## ENTRIES SUPPLIED
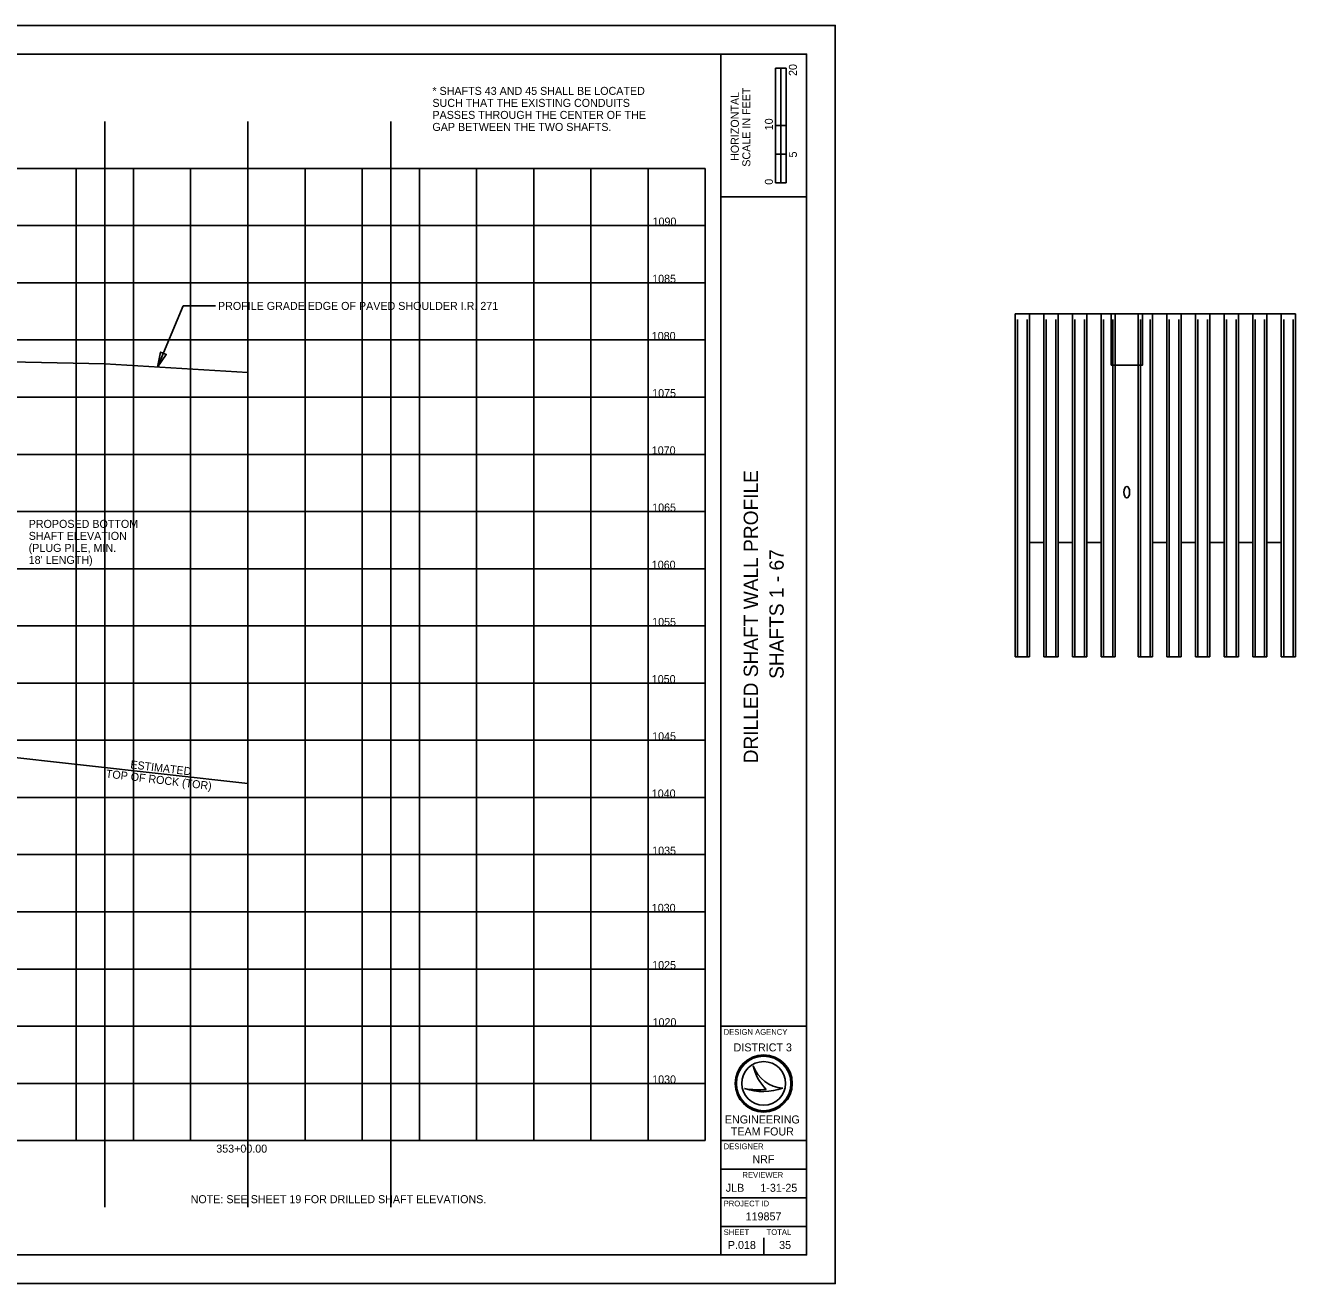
# Model space of a CAD drawing. Extents: x -190 to 421, y 1 to 366.
# Drawn here: x 199 to 421.1, y 0.6 to 220.6 of the extents above; entities that cross this region are included whole.
import ezdxf

# ---------------------------------------------------------------- set-up
doc = ezdxf.new("R2010")
doc.units = 0
for name, color, linetype in [('BR_P_Beam_Reinforcing', 7, 'Continuous'), ('DR_X_Culvert', 7, 'Continuous'), ('PF_P_Sta_Elev_Text', 7, 'Continuous'), ('RD_P_Wall', 7, 'Continuous'), ('RD_X_Bedrock', 7, 'Continuous'), ('SC_Scratch1', 7, 'Continuous'), ('SH_Border', 7, 'Continuous'), ('SH_Cut_Line', 7, 'Continuous'), ('SH_Data', 7, 'Continuous'), ('SH_Major_Grid_Line', 7, 'Continuous'), ('XS_X_Ground_Line', 7, 'Continuous')]:
    doc.layers.add(name, color=color, linetype=linetype)

msp = doc.modelspace()

# ---------------------------------------------------------------- linework, layer by layer
at = {"layer": 'BR_P_Beam_Reinforcing'}
for p, q in [((372.51, 110.18), (372.51, 169.18)), ((374.18, 110.18), (374.18, 169.18)), ((377.51, 110.18), (377.51, 169.18)), ((379.18, 110.18), (379.18, 169.18)), ((382.51, 110.18), (382.51, 169.18)), ((384.18, 110.18), (384.18, 169.18)), ((387.51, 110.18), (387.51, 169.18)), ((389.18, 161.18), (389.18, 169.18)), ((394.01, 161.18), (394.01, 169.18)), ((395.68, 110.18), (395.68, 169.18)), ((399.01, 110.18), (399.01, 169.18)), ((400.68, 110.18), (400.68, 169.18)), ((404.03, 110.18), (404.03, 169.18)), ((405.7, 110.18), (405.7, 169.18)), ((409.03, 110.18), (409.03, 169.18)), ((410.7, 110.18), (410.7, 169.18)), ((414.03, 110.18), (414.03, 169.18)), ((415.7, 110.18), (415.7, 169.18)), ((419.03, 110.18), (419.03, 169.18)), ((420.7, 110.18), (420.7, 169.18)), ((389.18, 110.18), (389.18, 161.18)), ((394.01, 110.18), (394.01, 161.18))]:
    msp.add_line(p, q, dxfattribs=at)
at = {"layer": 'DR_X_Culvert'}
msp.add_ellipse((391.59, 138.98), major_axis=(0, 1), ratio=0.5, dxfattribs=at)
at = {"layer": 'RD_P_Wall'}
for p, q in [((372.09, 170.18), (372.09, 110.18)), ((372.09, 170.18), (374.59, 170.18)), ((374.59, 170.18), (374.59, 130.18)), ((374.59, 170.18), (374.59, 110.18)), ((377.09, 170.18), (377.09, 110.18)), ((377.09, 170.18), (379.59, 170.18)), ((379.59, 170.18), (379.59, 110.18)), ((379.59, 170.18), (379.59, 130.18)), ((382.09, 170.18), (382.09, 110.18)), ((382.09, 170.18), (384.59, 170.18)), ((384.59, 170.18), (384.59, 110.18)), ((384.59, 170.18), (384.59, 130.18)), ((387.09, 170.18), (387.09, 110.18)), ((387.09, 170.18), (389.59, 170.18)), ((389.59, 161.18), (389.59, 170.18)), ((393.59, 170.18), (396.09, 170.18)), ((393.59, 161.18), (393.59, 170.18)), ((396.09, 170.18), (396.09, 110.18)), ((396.09, 170.18), (396.09, 130.18)), ((398.59, 170.18), (398.59, 110.18)), ((398.59, 170.18), (401.09, 170.18)), ((401.09, 170.18), (401.09, 110.18)), ((401.09, 170.18), (401.09, 130.18)), ((403.61, 170.18), (403.61, 110.18)), ((403.61, 170.18), (406.11, 170.18)), ((406.11, 170.18), (406.11, 110.18)), ((406.11, 170.18), (406.11, 130.18)), ((408.61, 170.18), (408.61, 110.18)), ((408.61, 170.18), (411.11, 170.18)), ((411.11, 170.18), (411.11, 110.18)), ((411.11, 170.18), (411.11, 130.18)), ((413.61, 170.18), (413.61, 110.18)), ((413.61, 170.18), (416.11, 170.18)), ((416.11, 170.18), (416.11, 110.18)), ((416.11, 170.18), (416.11, 130.18)), ((418.61, 170.18), (418.61, 110.18)), ((418.61, 170.18), (421.11, 170.18)), ((421.11, 170.18), (421.11, 110.18)), ((389.59, 161.18), (389.59, 110.18)), ((393.59, 161.18), (393.59, 110.18)), ((372.09, 110.18), (374.59, 110.18)), ((377.09, 110.18), (379.59, 110.18)), ((382.09, 110.18), (384.59, 110.18)), ((387.09, 110.18), (389.59, 110.18)), ((393.59, 110.18), (396.09, 110.18)), ((398.59, 110.18), (401.09, 110.18)), ((403.61, 110.18), (406.11, 110.18)), ((408.61, 110.18), (411.11, 110.18)), ((413.61, 110.18), (416.11, 110.18)), ((418.61, 110.18), (421.11, 110.18))]:
    msp.add_line(p, q, dxfattribs=at)
for points in [[(374.59, 170.18), (377.09, 170.18), (377.09, 130.18), (374.59, 130.18)], [(379.59, 170.18), (382.09, 170.18), (382.09, 130.18), (379.59, 130.18)], [(384.59, 170.18), (387.09, 170.18), (387.09, 130.18), (384.59, 130.18)], [(396.09, 170.18), (398.59, 170.18), (398.59, 130.18), (396.09, 130.18)], [(401.09, 170.18), (403.59, 170.18), (403.59, 130.18), (401.09, 130.18)], [(406.11, 170.18), (408.61, 170.18), (408.61, 130.18), (406.11, 130.18)], [(411.11, 170.18), (413.61, 170.18), (413.61, 130.18), (411.11, 130.18)], [(416.11, 170.18), (418.61, 170.18), (418.61, 130.18), (416.11, 130.18)]]:
    msp.add_lwpolyline(points, dxfattribs=at)
msp.add_lwpolyline([(388.84, 161.18), (394.34, 161.18), (394.34, 170.18), (388.84, 170.18)], close=True, dxfattribs=at)
at = {"layer": 'RD_X_Bedrock'}
msp.add_line((37.89, 110.21), (237.89, 88.06), dxfattribs=at)
at = {"layer": 'SC_Scratch1'}
for p, q in [((212.89, 13.94), (212.89, 203.81)), ((237.89, 13.94), (237.89, 203.81)), ((262.89, 13.94), (262.89, 203.81))]:
    msp.add_line(p, q, dxfattribs=at)
at = {"layer": 'SH_Border'}
for p, q in [((320.6, 5.6), (320.6, 215.6)), ((320.6, 190.6), (335.6, 190.6)), ((320.6, 45.6), (335.6, 45.6)), ((320.6, 25.6), (335.6, 25.6)), ((320.6, 20.6), (335.6, 20.6)), ((320.6, 15.6), (335.6, 15.6)), ((320.6, 10.6), (335.6, 10.6))]:
    msp.add_line(p, q, dxfattribs=at)
msp.add_lwpolyline([(15.6, 215.6), (335.6, 215.6), (335.6, 5.6), (15.6, 5.6)], close=True, dxfattribs=at)
at = {"layer": 'SH_Cut_Line'}
msp.add_lwpolyline([(0.6, 0.6), (340.6, 0.6), (340.6, 220.6), (0.6, 220.6)], close=True, dxfattribs=at)
at = {"layer": 'SH_Data'}
for p, q in [((330.17, 193.1), (330.17, 213.1)), ((332.04, 213.1), (330.17, 213.1)), ((330.17, 203.1), (330.17, 213.1)), ((330.17, 213.1), (331.1, 213.1)), ((331.1, 213.1), (331.11, 213.1)), ((331.11, 213.1), (331.11, 203.1)), ((332.04, 213.1), (332.04, 193.1)), ((331.11, 203.1), (330.17, 203.1)), ((332.03, 203.1), (331.1, 203.1)), ((331.1, 203.1), (331.1, 198.1)), ((332.03, 198.1), (332.03, 203.1)), ((331.1, 198.1), (330.17, 198.1)), ((330.17, 198.1), (330.17, 193.1)), ((331.1, 193.1), (331.1, 198.1)), ((331.1, 198.1), (332.03, 198.1)), ((17.89, 195.6), (317.89, 195.6)), ((317.89, 25.6), (317.89, 195.6)), ((332.04, 193.1), (330.17, 193.1)), ((330.17, 193.1), (331.1, 193.1)), ((232.21, 171.58), (226.61, 171.58)), ((326.27, 38.7), (326.27, 38.7)), ((328.1, 35.6), (328.1, 35.6)), ((324.77, 34.7), (324.77, 34.7)), ((331.47, 34.79), (331.47, 34.79)), ((17.89, 25.6), (317.89, 25.6)), ((324.35, 7.35), (324.35, 7.35)), ((328.1, 5.6), (328.1, 8.6))]:
    msp.add_line(p, q, dxfattribs=at)
msp.add_lwpolyline([(222.11, 160.87), (226.61, 171.58)], dxfattribs=at)
msp.add_lwpolyline([(222.11, 160.87), (222.64, 163.49), (223.61, 163.08)], close=True, dxfattribs=at)
for radius in [5, 4.77, 4.77, 3.82]:
    msp.add_circle((328.1, 35.6), radius, dxfattribs=at)
for centre, radius, start, end in [((331.76, 40.58), 5.8, 198.9257, 198.9319), ((334.07, 40.3), 7.96, 191.6379, 191.6421), ((331.76, 40.58), 5.8, 198.9319, 267.1657), ((334.07, 40.3), 7.96, 191.6421, 226.0947), ((327.99, 44.3), 10.13, 251.4576, 290.0832), ((327.08, 47.14), 12.66, 259.4964, 259.4995), ((327.99, 44.3), 10.13, 251.4527, 251.4576), ((327.08, 47.14), 12.66, 259.4995, 276.6672)]:
    msp.add_arc(centre, radius, start, end, dxfattribs=at)
at = {"layer": 'SH_Major_Grid_Line'}
for p, q in [((207.89, 25.6), (207.89, 195.6)), ((217.89, 25.6), (217.89, 195.6)), ((227.89, 25.6), (227.89, 195.6)), ((237.89, 25.6), (237.89, 195.6)), ((247.89, 25.6), (247.89, 195.6)), ((257.89, 25.6), (257.89, 195.6)), ((267.89, 25.6), (267.89, 195.6)), ((277.89, 25.6), (277.89, 195.6)), ((287.89, 25.6), (287.89, 195.6)), ((297.89, 25.6), (297.89, 195.6)), ((307.89, 25.6), (307.89, 195.6)), ((17.89, 185.6), (317.89, 185.6)), ((17.89, 175.6), (317.89, 175.6)), ((17.89, 165.6), (317.89, 165.6)), ((17.89, 155.6), (317.89, 155.6)), ((317.89, 25.6), (317.89, 155.6)), ((17.89, 145.6), (317.89, 145.6)), ((17.89, 135.6), (317.89, 135.6)), ((17.89, 125.6), (317.89, 125.6)), ((17.89, 115.6), (317.89, 115.6)), ((17.89, 105.6), (317.89, 105.6)), ((17.89, 95.6), (317.89, 95.6)), ((17.89, 85.6), (317.89, 85.6)), ((17.89, 75.6), (317.89, 75.6)), ((17.89, 65.6), (317.89, 65.6)), ((17.89, 55.6), (317.89, 55.6)), ((17.89, 45.6), (317.89, 45.6)), ((17.89, 35.6), (317.89, 35.6))]:
    msp.add_line(p, q, dxfattribs=at)
at = {"layer": 'XS_X_Ground_Line'}
msp.add_lwpolyline([(37.89, 171.36), (62.89, 169.76), (87.89, 168.12), (112.89, 166.52), (162.89, 163.4), (187.89, 161.92), (212.89, 161.42), (237.89, 159.92)], dxfattribs=at)

# ---------------------------------------------------------------- texts
at = {"layer": 'PF_P_Sta_Elev_Text'}
for s, p in [('1090', (308.67, 185.6)), ('1085', (308.6, 175.6)), ('1080', (308.53, 165.6)), ('1075', (308.6, 155.6)), ('1070', (308.53, 145.6)), ('1065', (308.6, 135.6)), ('1060', (308.53, 125.6)), ('1055', (308.6, 115.6)), ('1050', (308.53, 105.6)), ('1045', (308.6, 95.6)), ('1040', (308.53, 85.6)), ('1035', (308.6, 75.6)), ('1030', (308.53, 65.6)), ('1025', (308.6, 55.6)), ('1020', (308.67, 45.6)), ('1030', (308.6, 35.6)), ('353+00.00', (232.37, 23.5))]:
    msp.add_text(s, height=1.4, dxfattribs=at).set_placement(p)
at = {"layer": 'SH_Data'}
for s, height, rotation, p in [('20', 1.4, 90, (333.9, 211.76)), ('HORIZONTAL', 1.4, 90, (323.75, 196.9)), ('SCALE IN FEET', 1.4, 90, (325.77, 195.89)), ('10', 1.4, 90, (329.7, 202.26)), ('5', 1.4, 90, (333.9, 197.5)), ('0', 1.4, 90, (329.7, 192.74)), ('DRILLED SHAFT WALL PROFILE', 2.5, 90, (327.1, 91.57)), ('SHAFTS 1 - 67', 2.5, 90, (331.6, 106.34)), ('ESTIMATED ', 1.4, 353.2227, (217.29, 90.71)), ('TOP OF ROCK (TOR)', 1.4, 353.2227, (213, 89.1))]:
    msp.add_text(s, height=height, rotation=rotation, dxfattribs=at).set_placement(p)
for s, height, p in [('* SHAFTS 43 AND 45 SHALL BE LOCATED', 1.4, (270.17, 208.45)), ('SUCH THAT THE EXISTING CONDUITS ', 1.4, (270.17, 206.35)), ('PASSES THROUGH THE CENTER OF THE', 1.4, (270.17, 204.25)), ('GAP BETWEEN THE TWO SHAFTS.', 1.4, (270.17, 202.15)), ('PROFILE GRADE EDGE OF PAVED SHOULDER I.R. 271', 1.4, (232.67, 170.85)), ('PROPOSED BOTTOM', 1.4, (199.57, 132.74)), ('SHAFT ELEVATION', 1.4, (199.57, 130.64)), ('(PLUG PILE, MIN.', 1.4, (199.57, 128.54)), ("18' LENGTH)", 1.4, (199.57, 126.44)), ('DESIGN AGENCY', 1, (321.1, 44.1)), ('DISTRICT 3', 1.4, (322.84, 41.2)), ('ENGINEERING', 1.4, (321.31, 28.6)), ('TEAM FOUR', 1.4, (322.35, 26.5)), ('DESIGNER', 1, (321.1, 24.1)), ('NRF', 1.4, (326.13, 21.65)), ('REVIEWER', 1, (324.38, 19.1)), ('JLB', 1.4, (321.47, 16.65)), ('1-31-25', 1.4, (327.52, 16.65)), ('NOTE: SEE SHEET 19 FOR DRILLED SHAFT ELEVATIONS.', 1.4, (227.89, 14.66)), ('PROJECT ID', 1, (321.1, 14.1)), ('119857', 1.4, (324.95, 11.65)), ('SHEET', 1, (321.1, 9.1)), ('TOTAL', 1, (328.6, 9.1)), ('P.018', 1.4, (321.84, 6.65)), ('35', 1.4, (330.8, 6.65))]:
    msp.add_text(s, height=height, dxfattribs=at).set_placement(p)

doc.saveas('drawing.dxf')

## TASK TO COMPLETE
Whenever a line above contains "True", copy that line.

## WRITTEN RESPONSE
msp.add_lwpolyline([(388.84, 161.18), (394.34, 161.18), (394.34, 170.18), (388.84, 170.18)], close=True, dxfattribs=at)
msp.add_lwpolyline([(15.6, 215.6), (335.6, 215.6), (335.6, 5.6), (15.6, 5.6)], close=True, dxfattribs=at)
msp.add_lwpolyline([(0.6, 0.6), (340.6, 0.6), (340.6, 220.6), (0.6, 220.6)], close=True, dxfattribs=at)
msp.add_lwpolyline([(222.11, 160.87), (222.64, 163.49), (223.61, 163.08)], close=True, dxfattribs=at)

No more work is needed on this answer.